CHAP. XVII.
OF FIGURES DEFICIENT.

[1.] Definitions of a deficient figure; of a complete figure; of the complement of a deficient figure; and of proportions which are proportional and commensurable to one another.—[2.] The proportion of a deficient figure to its complement.—[3.] The proportions of deficient figures to the parallelograms in which they are described, set forth in a table.—[4.] The description and production of the same figures.—[5.] The drawing of tangents to them.—[6.] In what proportion the same figures exceed a strait-lined triangle of the same altitude and base.—[7.] A table of solid deficient figures described in a cylinder.—[8.] In what proportion the same figures exceed a cone of the same altitude and base.—[9.] How a plain deficient figure may be described in a parallelogram, so that it be to a triangle of the same base and altitude, as another deficient figure, plain or solid, twice taken, is to the same deficient figure, together with the complete figure in which it is described.—[10.] The transferring of certain properties of deficient figures described in a parallelogram to the proportions of the spaces transmitted with several degrees of velocity.—[11.] Of deficient figures described in a circle.—[12.] The proposition demonstrated in art. 2 confirmed from the elements of philosophy.—[13.] An unusual way of reasoning concerning the equality between the superficies of a portion of a sphere and a circle.—[14]. How from the description of deficient figures in a parallelogram, any number of mean proportionals may be found out between two given strait lines.

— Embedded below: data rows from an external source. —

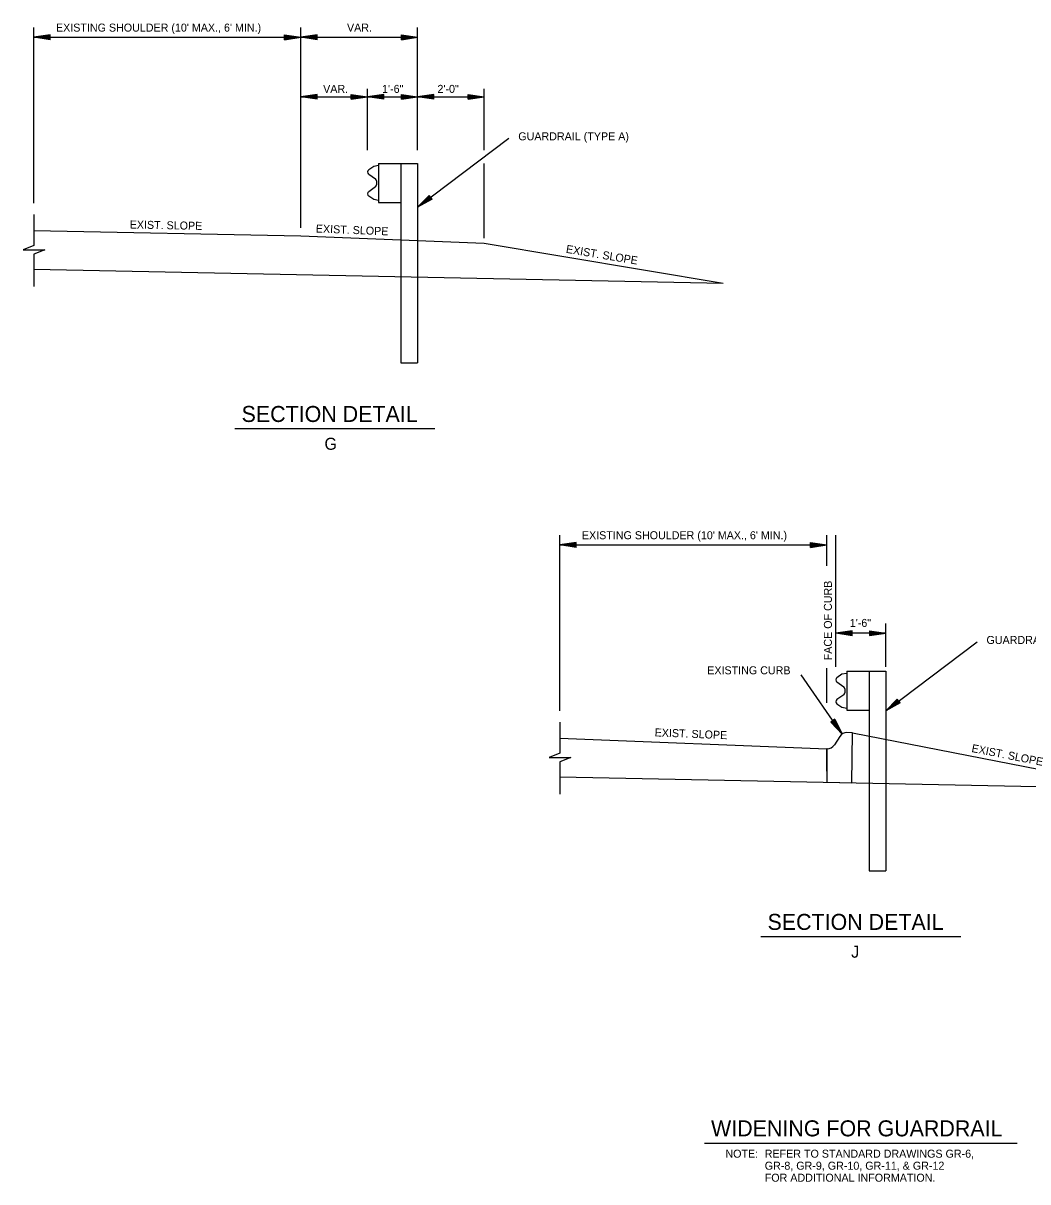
# Model space of a CAD drawing. Extents: x 1374136 to 1374281, y 380549 to 380948.
# Drawn here: x 1374140.5 to 1374215.8, y 380549.2 to 380636 of the extents above; entities that cross this region are included whole.
import ezdxf

# ---------------------------------------------------------------- set-up
doc = ezdxf.new("R2010")
doc.units = 0
for name, color, linetype in [('C-ANNO-TEXT', 7, 'Continuous'), ('Default', 7, 'Continuous'), ('R_Draft', 7, 'Continuous')]:
    doc.layers.add(name, color=color, linetype=linetype)

msp = doc.modelspace()

# ---------------------------------------------------------------- linework, layer by layer
at = {"layer": 'C-ANNO-TEXT'}
for points in [[(1374141.352, 380621.692), (1374141.352, 380619.362), (1374140.541, 380619.038), (1374142.164, 380619.038), (1374141.352, 380618.714), (1374141.352, 380616.29)], [(1374180.769, 380583.64), (1374180.769, 380581.31), (1374179.958, 380580.986), (1374181.58, 380580.986), (1374180.769, 380580.663), (1374180.769, 380578.238)]]:
    msp.add_lwpolyline(points, dxfattribs=at)
at = {"layer": 'Default'}
for p, q in [((1374141.352, 380622.537), (1374141.352, 380635.701)), ((1374161.352, 380620.688), (1374161.352, 380635.701)), ((1374170.102, 380626.526), (1374170.102, 380635.701)), ((1374142.57, 380635.159), (1374141.352, 380634.976)), ((1374141.352, 380634.976), (1374161.352, 380634.976)), ((1374142.57, 380634.793), (1374141.352, 380634.976)), ((1374142.57, 380635.128), (1374141.557, 380634.976)), ((1374142.57, 380634.824), (1374141.557, 380634.976)), ((1374142.57, 380635.096), (1374141.766, 380634.976)), ((1374142.57, 380634.856), (1374141.766, 380634.976)), ((1374142.57, 380635.067), (1374141.97, 380634.977)), ((1374142.57, 380634.885), (1374141.97, 380634.977)), ((1374142.57, 380635.036), (1374142.174, 380634.977)), ((1374142.57, 380634.916), (1374142.174, 380634.977)), ((1374142.57, 380635.004), (1374142.378, 380634.977)), ((1374142.57, 380634.948), (1374142.378, 380634.977)), ((1374142.57, 380634.793), (1374142.57, 380635.159)), ((1374160.135, 380635.159), (1374161.352, 380634.976)), ((1374160.135, 380634.793), (1374160.135, 380635.159)), ((1374160.135, 380635.128), (1374161.148, 380634.976)), ((1374160.135, 380635.096), (1374160.939, 380634.976)), ((1374160.135, 380635.067), (1374160.735, 380634.977)), ((1374160.135, 380635.036), (1374160.531, 380634.977)), ((1374160.135, 380635.004), (1374160.327, 380634.977)), ((1374160.135, 380634.916), (1374160.531, 380634.977)), ((1374160.135, 380634.885), (1374160.735, 380634.977)), ((1374160.135, 380634.948), (1374160.327, 380634.977)), ((1374160.135, 380634.793), (1374161.352, 380634.976)), ((1374160.135, 380634.856), (1374160.939, 380634.976)), ((1374160.135, 380634.824), (1374161.148, 380634.976)), ((1374162.57, 380635.159), (1374161.352, 380634.976)), ((1374161.352, 380634.976), (1374170.102, 380634.976)), ((1374162.57, 380634.793), (1374161.352, 380634.976)), ((1374162.57, 380635.128), (1374161.557, 380634.976)), ((1374162.57, 380634.824), (1374161.557, 380634.976)), ((1374162.57, 380635.096), (1374161.766, 380634.976)), ((1374162.57, 380634.856), (1374161.766, 380634.976)), ((1374162.57, 380635.067), (1374161.97, 380634.977)), ((1374162.57, 380634.885), (1374161.97, 380634.977)), ((1374162.57, 380635.036), (1374162.174, 380634.977)), ((1374162.57, 380634.916), (1374162.174, 380634.977)), ((1374162.57, 380635.004), (1374162.378, 380634.977)), ((1374162.57, 380634.948), (1374162.378, 380634.977)), ((1374162.57, 380634.793), (1374162.57, 380635.159)), ((1374168.885, 380635.159), (1374170.102, 380634.976)), ((1374168.885, 380634.793), (1374168.885, 380635.159)), ((1374168.885, 380635.128), (1374169.898, 380634.976)), ((1374168.885, 380635.096), (1374169.689, 380634.976)), ((1374168.885, 380635.067), (1374169.485, 380634.977)), ((1374168.885, 380635.036), (1374169.281, 380634.977)), ((1374168.885, 380635.004), (1374169.077, 380634.977)), ((1374168.885, 380634.916), (1374169.281, 380634.977)), ((1374168.885, 380634.885), (1374169.485, 380634.977)), ((1374168.885, 380634.948), (1374169.077, 380634.977)), ((1374168.885, 380634.793), (1374170.102, 380634.976)), ((1374168.885, 380634.856), (1374169.689, 380634.976)), ((1374168.885, 380634.824), (1374169.898, 380634.976)), ((1374166.352, 380626.526), (1374166.352, 380631.108)), ((1374175.102, 380626.526), (1374175.102, 380631.108)), ((1374162.57, 380630.699), (1374161.352, 380630.516)), ((1374161.352, 380630.516), (1374166.352, 380630.516)), ((1374162.57, 380630.332), (1374161.352, 380630.516)), ((1374162.57, 380630.667), (1374161.557, 380630.516)), ((1374162.57, 380630.364), (1374161.557, 380630.516)), ((1374162.57, 380630.636), (1374161.766, 380630.516)), ((1374162.57, 380630.395), (1374161.766, 380630.516)), ((1374162.57, 380630.607), (1374161.97, 380630.516)), ((1374162.57, 380630.424), (1374161.97, 380630.516)), ((1374162.57, 380630.575), (1374162.174, 380630.516)), ((1374162.57, 380630.456), (1374162.174, 380630.516)), ((1374162.57, 380630.544), (1374162.378, 380630.517)), ((1374162.57, 380630.488), (1374162.378, 380630.517)), ((1374162.57, 380630.332), (1374162.57, 380630.699)), ((1374165.135, 380630.699), (1374166.352, 380630.516)), ((1374165.135, 380630.332), (1374165.135, 380630.699)), ((1374165.135, 380630.667), (1374166.148, 380630.516)), ((1374165.135, 380630.636), (1374165.939, 380630.516)), ((1374165.135, 380630.607), (1374165.735, 380630.516)), ((1374165.135, 380630.575), (1374165.531, 380630.516)), ((1374165.135, 380630.544), (1374165.327, 380630.517)), ((1374165.135, 380630.488), (1374165.327, 380630.517)), ((1374165.135, 380630.332), (1374166.352, 380630.516)), ((1374165.135, 380630.456), (1374165.531, 380630.516)), ((1374165.135, 380630.395), (1374165.939, 380630.516)), ((1374165.135, 380630.364), (1374166.148, 380630.516)), ((1374165.135, 380630.424), (1374165.735, 380630.516)), ((1374167.57, 380630.699), (1374166.352, 380630.516)), ((1374166.352, 380630.516), (1374170.102, 380630.516)), ((1374167.57, 380630.332), (1374166.352, 380630.516)), ((1374167.57, 380630.667), (1374166.557, 380630.516)), ((1374167.57, 380630.364), (1374166.557, 380630.516)), ((1374167.57, 380630.636), (1374166.766, 380630.516)), ((1374167.57, 380630.395), (1374166.766, 380630.516)), ((1374167.57, 380630.607), (1374166.97, 380630.516)), ((1374167.57, 380630.424), (1374166.97, 380630.516)), ((1374167.57, 380630.575), (1374167.174, 380630.516)), ((1374167.57, 380630.456), (1374167.174, 380630.516)), ((1374167.57, 380630.544), (1374167.378, 380630.517)), ((1374167.57, 380630.488), (1374167.378, 380630.517)), ((1374167.57, 380630.332), (1374167.57, 380630.699)), ((1374168.885, 380630.699), (1374170.102, 380630.516)), ((1374168.885, 380630.332), (1374168.885, 380630.699)), ((1374168.885, 380630.667), (1374169.898, 380630.516)), ((1374168.885, 380630.636), (1374169.689, 380630.516)), ((1374168.885, 380630.607), (1374169.485, 380630.516)), ((1374168.885, 380630.575), (1374169.281, 380630.516)), ((1374168.885, 380630.544), (1374169.077, 380630.517)), ((1374168.885, 380630.488), (1374169.077, 380630.517)), ((1374168.885, 380630.332), (1374170.102, 380630.516)), ((1374168.885, 380630.456), (1374169.281, 380630.516)), ((1374168.885, 380630.395), (1374169.689, 380630.516)), ((1374168.885, 380630.364), (1374169.898, 380630.516)), ((1374168.885, 380630.424), (1374169.485, 380630.516)), ((1374171.32, 380630.699), (1374170.102, 380630.516)), ((1374170.102, 380630.516), (1374175.102, 380630.516)), ((1374171.32, 380630.332), (1374170.102, 380630.516)), ((1374171.32, 380630.667), (1374170.307, 380630.516)), ((1374171.32, 380630.364), (1374170.307, 380630.516)), ((1374171.32, 380630.636), (1374170.516, 380630.516)), ((1374171.32, 380630.395), (1374170.516, 380630.516)), ((1374171.32, 380630.607), (1374170.72, 380630.516)), ((1374171.32, 380630.424), (1374170.72, 380630.516)), ((1374171.32, 380630.575), (1374170.924, 380630.516)), ((1374171.32, 380630.456), (1374170.924, 380630.516)), ((1374171.32, 380630.544), (1374171.128, 380630.517)), ((1374171.32, 380630.488), (1374171.128, 380630.517)), ((1374171.32, 380630.332), (1374171.32, 380630.699)), ((1374173.885, 380630.699), (1374175.102, 380630.516)), ((1374173.885, 380630.332), (1374173.885, 380630.699)), ((1374173.885, 380630.667), (1374174.898, 380630.516)), ((1374173.885, 380630.636), (1374174.689, 380630.516)), ((1374173.885, 380630.607), (1374174.485, 380630.516)), ((1374173.885, 380630.575), (1374174.281, 380630.516)), ((1374173.885, 380630.544), (1374174.077, 380630.517)), ((1374173.885, 380630.488), (1374174.077, 380630.517)), ((1374173.885, 380630.332), (1374175.102, 380630.516)), ((1374173.885, 380630.456), (1374174.281, 380630.516)), ((1374173.885, 380630.395), (1374174.689, 380630.516)), ((1374173.885, 380630.364), (1374174.898, 380630.516)), ((1374173.885, 380630.424), (1374174.485, 380630.516)), ((1374170.102, 380622.247), (1374176.948, 380627.42)), ((1374166.814, 380625.297), (1374166.438, 380625.045)), ((1374167.177, 380625.368), (1374166.814, 380625.297)), ((1374167.177, 380625.526), (1374170.102, 380625.526)), ((1374167.177, 380625.526), (1374167.177, 380622.601)), ((1374168.852, 380625.526), (1374168.852, 380610.577)), ((1374170.102, 380625.526), (1374170.102, 380610.577)), ((1374175.102, 380619.914), (1374175.102, 380625.526)), ((1374166.435, 380624.725), (1374166.947, 380624.366)), ((1374167.029, 380624.207), (1374167.029, 380624.063)), ((1374166.947, 380623.76), (1374166.435, 380623.401)), ((1374167.029, 380624.063), (1374167.029, 380623.919)), ((1374166.438, 380623.081), (1374166.814, 380622.829)), ((1374166.814, 380622.829), (1374167.177, 380622.758)), ((1374167.177, 380622.601), (1374168.852, 380622.601)), ((1374170.965, 380623.125), (1374170.102, 380622.247)), ((1374171.182, 380622.836), (1374170.102, 380622.247)), ((1374170.985, 380623.102), (1374170.264, 380622.367)), ((1374171.167, 380622.859), (1374170.264, 380622.367)), ((1374171.006, 380623.074), (1374170.437, 380622.499)), ((1374171.144, 380622.884), (1374170.437, 380622.499)), ((1374171.019, 380623.049), (1374170.597, 380622.62)), ((1374171.126, 380622.91), (1374170.597, 380622.62)), ((1374171.038, 380623.029), (1374170.757, 380622.743)), ((1374171.106, 380622.936), (1374170.757, 380622.743)), ((1374171.056, 380623.003), (1374170.921, 380622.866)), ((1374171.093, 380622.963), (1374170.921, 380622.866)), ((1374171.182, 380622.836), (1374170.965, 380623.125)), ((1374141.352, 380620.488), (1374161.352, 380620.088)), ((1374161.352, 380620.088), (1374175.102, 380619.538)), ((1374175.102, 380619.538), (1374193, 380616.555)), ((1374141.352, 380617.588), (1374193, 380616.555)), ((1374156.41, 380605.64), (1374171.395, 380605.64)), ((1374180.769, 380584.486), (1374180.769, 380597.65)), ((1374200.769, 380595.36), (1374200.769, 380597.65)), ((1374201.444, 380587.787), (1374201.444, 380597.65)), ((1374181.986, 380597.108), (1374180.769, 380596.924)), ((1374180.769, 380596.924), (1374200.769, 380596.924)), ((1374181.986, 380596.741), (1374180.769, 380596.924)), ((1374181.986, 380597.076), (1374180.973, 380596.924)), ((1374181.986, 380596.772), (1374180.973, 380596.924)), ((1374181.986, 380597.044), (1374181.182, 380596.925)), ((1374181.986, 380596.804), (1374181.182, 380596.925)), ((1374181.986, 380597.015), (1374181.386, 380596.925)), ((1374181.986, 380596.833), (1374181.386, 380596.925)), ((1374181.986, 380596.984), (1374181.59, 380596.925)), ((1374181.986, 380596.865), (1374181.59, 380596.925)), ((1374181.986, 380596.952), (1374181.794, 380596.925)), ((1374181.986, 380596.896), (1374181.794, 380596.925)), ((1374181.986, 380596.741), (1374181.986, 380597.108)), ((1374199.551, 380596.741), (1374199.552, 380597.108)), ((1374199.551, 380596.952), (1374199.743, 380596.925)), ((1374199.551, 380596.865), (1374199.948, 380596.925)), ((1374199.551, 380596.804), (1374200.356, 380596.925)), ((1374199.551, 380596.833), (1374200.152, 380596.925)), ((1374199.551, 380596.896), (1374199.743, 380596.925)), ((1374199.551, 380596.741), (1374200.769, 380596.924)), ((1374199.551, 380596.772), (1374200.565, 380596.924)), ((1374199.552, 380597.108), (1374200.769, 380596.924)), ((1374199.552, 380597.076), (1374200.565, 380596.924)), ((1374199.552, 380597.044), (1374200.356, 380596.925)), ((1374199.552, 380597.015), (1374200.152, 380596.925)), ((1374199.552, 380596.984), (1374199.948, 380596.925)), ((1374202.661, 380590.487), (1374201.444, 380590.305)), ((1374202.661, 380590.12), (1374201.444, 380590.305)), ((1374205.194, 380590.305), (1374201.444, 380590.305)), ((1374202.661, 380590.456), (1374201.648, 380590.305)), ((1374202.661, 380590.152), (1374201.648, 380590.305)), ((1374202.661, 380590.424), (1374201.857, 380590.305)), ((1374202.661, 380590.184), (1374201.857, 380590.305)), ((1374202.661, 380590.395), (1374202.061, 380590.305)), ((1374202.661, 380590.213), (1374202.061, 380590.305)), ((1374202.661, 380590.363), (1374202.265, 380590.305)), ((1374202.661, 380590.244), (1374202.265, 380590.305)), ((1374202.661, 380590.332), (1374202.469, 380590.305)), ((1374202.661, 380590.276), (1374202.469, 380590.305)), ((1374202.661, 380590.12), (1374202.661, 380590.487)), ((1374203.976, 380590.49), (1374205.194, 380590.305)), ((1374203.976, 380590.49), (1374203.976, 380590.123)), ((1374203.976, 380590.458), (1374204.99, 380590.305)), ((1374203.976, 380590.427), (1374204.781, 380590.305)), ((1374203.976, 380590.397), (1374204.577, 380590.305)), ((1374203.976, 380590.366), (1374204.373, 380590.305)), ((1374203.976, 380590.334), (1374204.168, 380590.305)), ((1374203.976, 380590.123), (1374205.194, 380590.305)), ((1374203.976, 380590.247), (1374204.373, 380590.305)), ((1374203.976, 380590.186), (1374204.781, 380590.305)), ((1374203.976, 380590.154), (1374204.99, 380590.305)), ((1374203.976, 380590.215), (1374204.577, 380590.305)), ((1374203.976, 380590.278), (1374204.168, 380590.305)), ((1374205.194, 380587.787), (1374205.194, 380591.03)), ((1374205.194, 380584.494), (1374212.039, 380589.667)), ((1374200.769, 380585.083), (1374200.769, 380587.694)), ((1374201.915, 380582.749), (1374198.842, 380587.193)), ((1374201.905, 380587.224), (1374201.529, 380586.972)), ((1374202.269, 380587.294), (1374201.905, 380587.224)), ((1374202.269, 380587.452), (1374205.194, 380587.452)), ((1374202.269, 380587.452), (1374202.269, 380584.527)), ((1374203.944, 380587.452), (1374203.944, 380572.504)), ((1374205.194, 380587.452), (1374205.194, 380572.504)), ((1374201.526, 380586.651), (1374202.038, 380586.292)), ((1374202.121, 380586.133), (1374202.121, 380585.989)), ((1374202.121, 380585.989), (1374202.121, 380585.846)), ((1374202.038, 380585.686), (1374201.526, 380585.328)), ((1374201.529, 380585.007), (1374201.905, 380584.755)), ((1374206.056, 380585.372), (1374205.194, 380584.494)), ((1374206.274, 380585.084), (1374205.194, 380584.494)), ((1374206.077, 380585.349), (1374205.355, 380584.614)), ((1374206.258, 380585.106), (1374205.355, 380584.614)), ((1374206.097, 380585.321), (1374205.528, 380584.746)), ((1374206.236, 380585.132), (1374205.528, 380584.746)), ((1374206.11, 380585.296), (1374205.688, 380584.867)), ((1374206.218, 380585.157), (1374205.688, 380584.867)), ((1374206.13, 380585.276), (1374205.849, 380584.99)), ((1374206.197, 380585.183), (1374205.849, 380584.99)), ((1374206.148, 380585.25), (1374206.013, 380585.113)), ((1374206.184, 380585.21), (1374206.013, 380585.113)), ((1374206.274, 380585.084), (1374206.056, 380585.372)), ((1374201.905, 380584.755), (1374202.269, 380584.685)), ((1374202.269, 380584.527), (1374203.944, 380584.527)), ((1374201.371, 380583.853), (1374201.074, 380583.648)), ((1374201.074, 380583.648), (1374201.915, 380582.749)), ((1374201.097, 380583.667), (1374201.801, 380582.916)), ((1374201.127, 380583.687), (1374201.676, 380583.094)), ((1374201.152, 380583.699), (1374201.563, 380583.259)), ((1374201.173, 380583.717), (1374201.447, 380583.424)), ((1374201.2, 380583.734), (1374201.33, 380583.593)), ((1374201.241, 380583.769), (1374201.33, 380583.593)), ((1374201.269, 380583.781), (1374201.447, 380583.424)), ((1374201.296, 380583.8), (1374201.563, 380583.259)), ((1374201.322, 380583.817), (1374201.676, 380583.094)), ((1374201.348, 380583.839), (1374201.801, 380582.916)), ((1374201.371, 380583.853), (1374201.915, 380582.749)), ((1374180.769, 380582.436), (1374200.769, 380581.636)), ((1374202.694, 380582.848), (1374225.934, 380578.287)), ((1374200.769, 380579.961), (1374200.769, 380581.636)), ((1374180.769, 380579.536), (1374223.971, 380578.672)), ((1374195.827, 380567.566), (1374210.811, 380567.566)), ((1374191.594, 380552.092), (1374215.044, 380552.092))]:
    msp.add_line(p, q, dxfattribs=at)
for centre, start, end in [((1374166.547, 380624.884), 124.15804, 234.74711), ((1374166.834, 380624.207), 360, 54.74711), ((1374166.547, 380623.242), 125.25289, 235.84196), ((1374166.834, 380623.919), 305.25289, 0), ((1374201.639, 380586.81), 124.15804, 234.74711), ((1374201.926, 380586.133), 360, 54.74711), ((1374201.639, 380585.168), 125.25289, 235.84196), ((1374201.926, 380585.846), 305.25289, 0)]:
    msp.add_arc(centre, 0.195, start, end, dxfattribs=at)
at = {"layer": 'R_Draft'}
for p, q in [((1374168.852, 380610.577), (1374170.102, 380610.577)), ((1374201.736, 380582.564), (1374201.336, 380581.928)), ((1374202.694, 380582.848), (1374202.277, 380582.856)), ((1374202.644, 380579.099), (1374202.694, 380582.848)), ((1374200.794, 380581.636), (1374200.769, 380581.636)), ((1374200.769, 380581.636), (1374200.769, 380581.636)), ((1374200.769, 380579.136), (1374200.769, 380579.136)), ((1374200.769, 380579.136), (1374200.769, 380579.136)), ((1374200.769, 380579.136), (1374202.644, 380579.099)), ((1374203.944, 380572.504), (1374205.194, 380572.504))]:
    msp.add_line(p, q, dxfattribs=at)
msp.add_lwpolyline([(1374200.769, 380581.636), (1374200.769, 380579.136)], dxfattribs=at)
for centre, start, end in [((1374202.265, 380582.231), 88.85424, 147.85152), ((1374200.807, 380582.261), 268.85424, 327.85152)]:
    msp.add_arc(centre, 0.625, start, end, dxfattribs=at)

# ---------------------------------------------------------------- texts
at = {"layer": 'Default'}
for s, height, p in [("EXISTING SHOULDER (10' MAX., 6' MIN.)", 0.6, (1374143, 380635.401)), ('VAR.', 0.6, (1374164.811, 380635.401)), ('VAR.', 0.6, (1374163.023, 380630.808)), ('1\'-6"', 0.6, (1374167.439, 380630.808)), ('2\'-0"', 0.6, (1374171.591, 380630.808)), ('GUARDRAIL (TYPE A)', 0.6, (1374177.648, 380627.253)), ('SECTION DETAIL', 1.2, (1374156.91, 380606.14)), ('G', 0.9, (1374163.123, 380604.056)), ("EXISTING SHOULDER (10' MAX., 6' MIN.)", 0.6, (1374182.416, 380597.35)), ('1\'-6"', 0.6, (1374202.492, 380590.777)), ('GUARDRAIL (TYPE A)', 0.6, (1374212.739, 380589.5)), ('EXISTING CURB', 0.6, (1374191.81, 380587.227)), ('SECTION DETAIL', 1.2, (1374196.327, 380568.066)), ('J', 0.9, (1374202.596, 380565.983)), ('WIDENING FOR GUARDRAIL', 1.2, (1374192.094, 380552.592)), ('NOTE:', 0.6, (1374193.171, 380550.992)), ('REFER TO STANDARD DRAWINGS GR-6,', 0.6, (1374196.119, 380550.992)), ('GR-8, GR-9, GR-10, GR-11, & GR-12', 0.6, (1374196.119, 380550.092)), ('FOR ADDITIONAL INFORMATION.', 0.6, (1374196.119, 380549.192))]:
    msp.add_text(s, height=height, dxfattribs=at).set_placement(p)
for s, rotation, p in [('EXIST. SLOPE', 358.85424, (1374148.52, 380620.645)), ('EXIST. SLOPE', 357.70939, (1374162.467, 380620.344)), ('EXIST. SLOPE', 350.53768, (1374181.191, 380618.827)), ('FACE OF CURB', 90, (1374201.154, 380588.276)), ('EXIST. SLOPE', 357.70939, (1374187.86, 380582.577)), ('EXIST. SLOPE', 348.8964, (1374211.585, 380581.409))]:
    msp.add_text(s, height=0.6, rotation=rotation, dxfattribs=at).set_placement(p)

doc.saveas('drawing.dxf')

Definition of a deficient figure.

1. I call those deficient figures which may be understood to be generated by the uniform motion of some quantity, which decreases continually, till at last it have no magnitude at all.

Definitions of a complete figure; of the complement of a deficient figure; and of proportions which are proportional & commensurable to one another.

And I call that a complete figure, answering to a deficient figure, which is generated with the same motion and in the same time, by a quantity which retains always its whole magnitude.

The complement of a deficient figure is that which being added to the deficient figure makes it complete.

Four proportions are said to be proportional, when the first of them is to the second as the third is to the fourth. For example, if the first proportion be duplicate to the second, and again, the third be duplicate to the fourth, those proportions are said to be proportional.